Warnock, Obama attack Walker’s fitness for office at rally: ‘You actually have to know stuff to do this job’
Sen. Raphael Warnock (D-Ga.) and former President Obama knocked GOP Senate candidate Herschel Walker’s fitness for office at a rally Friday.
Obama traveled to Georgia as one of several stops he is making ahead of the midterms with less than two weeks until Election Day. Warnock and Walker are locked in a tight race for the Senate seat in the state, but the incumbent senator and former president said at the rally that Walker has not put in the work necessary to serve in the role.
“You actually have to know stuff to do this job,” Warnock said.
He said Walker is “not ready” and “not fit” to represent Georgia because the office requires that the holder be someone that people can trust. He said Walker “lies about the most basic facts of his life.”
Walker has faced intense scrutiny throughout the campaign over a lack of transparency following multiple revelations about his personal life.
He has run his campaign emphasizing family values, but reports revealed that he has fathered a total of four children with different women, three of whom he was not married to. His son Christian Walker has slammed him recently for being largely absent from the lives of all his children.
Walker has also run on a platform staunchly opposed to abortion, without any exceptions. But he reportedly reimbursed a woman who eventually became the mother of one of his children for an abortion she had after they conceived a child in 2009.
The woman also claims Walker encouraged her to get an abortion the second time she became pregnant, but she went through with the pregnancy. A second woman accused Walker on Wednesday of pressuring her to have an abortion in 1993 during a multiyear affair.
“He wears his lies quite literally as a badge of honor,” Warnock said, referring to a badge Walker pulled out during a debate between the two candidates.
Walker has claimed that he trained as an FBI agent and has worked with the Cobb County Sheriff’s Office in Georgia, but the Atlanta Journal-Constitution reported in June that he has never been a certified FBI agent or officer and no record exists in Cobb County to support his claims.
Walker admitted in an interview with NBC News that the badge he flashed during the debate was an “honorary badge,” but Warnock has slammed him for “pretending to be a police officer.”
“If we can’t trust him to tell the truth about his life, how can we trust him to protect our lives and our families and our children and our jobs and our future?” Warnock said.
Obama said the race between Warnock and Walker is a “study in contrast.” He said Walker was an “amazing” football player, but that does not make him the best person to represent Georgia in the Senate.
Obama compared the idea of electing Walker to the Senate to having Walker fly an airplane if someone sees him at an airport.
“You’d probably want to know, ‘Does he know how to fly an airplane?’” he said.

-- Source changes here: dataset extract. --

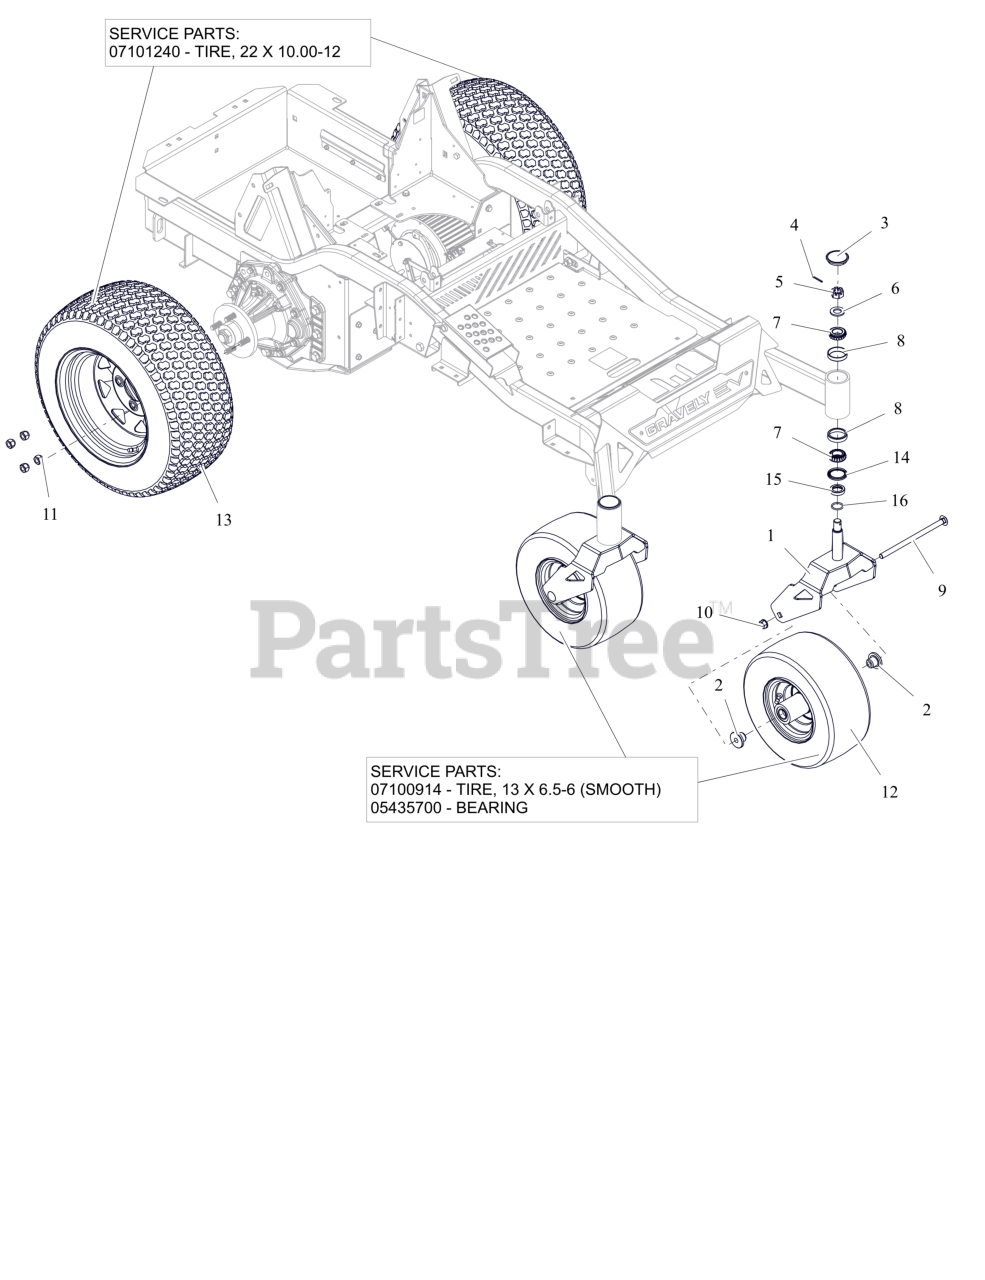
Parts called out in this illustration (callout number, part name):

He said being a football player is not disqualifying for running for Senate, but players need to “put in the work.” He said there is little evidence that Walker has taken “any interest” in learning anything about public service or helping people.
“At least we don’t really know about it, and that does make you suspect,” Obama said. “Seems to me, he’s a celebrity who wants to be a politician, and we’ve seen how that goes.”
He said issues of character and having a habit of not telling the truth say something “about the kind of leader you’re going to be.”
“If a candidate’s main qualification is that he’s going to be loyal to Donald Trump, it means that he’s not really going to be thinking about you and your needs, and you deserve better,” Obama said.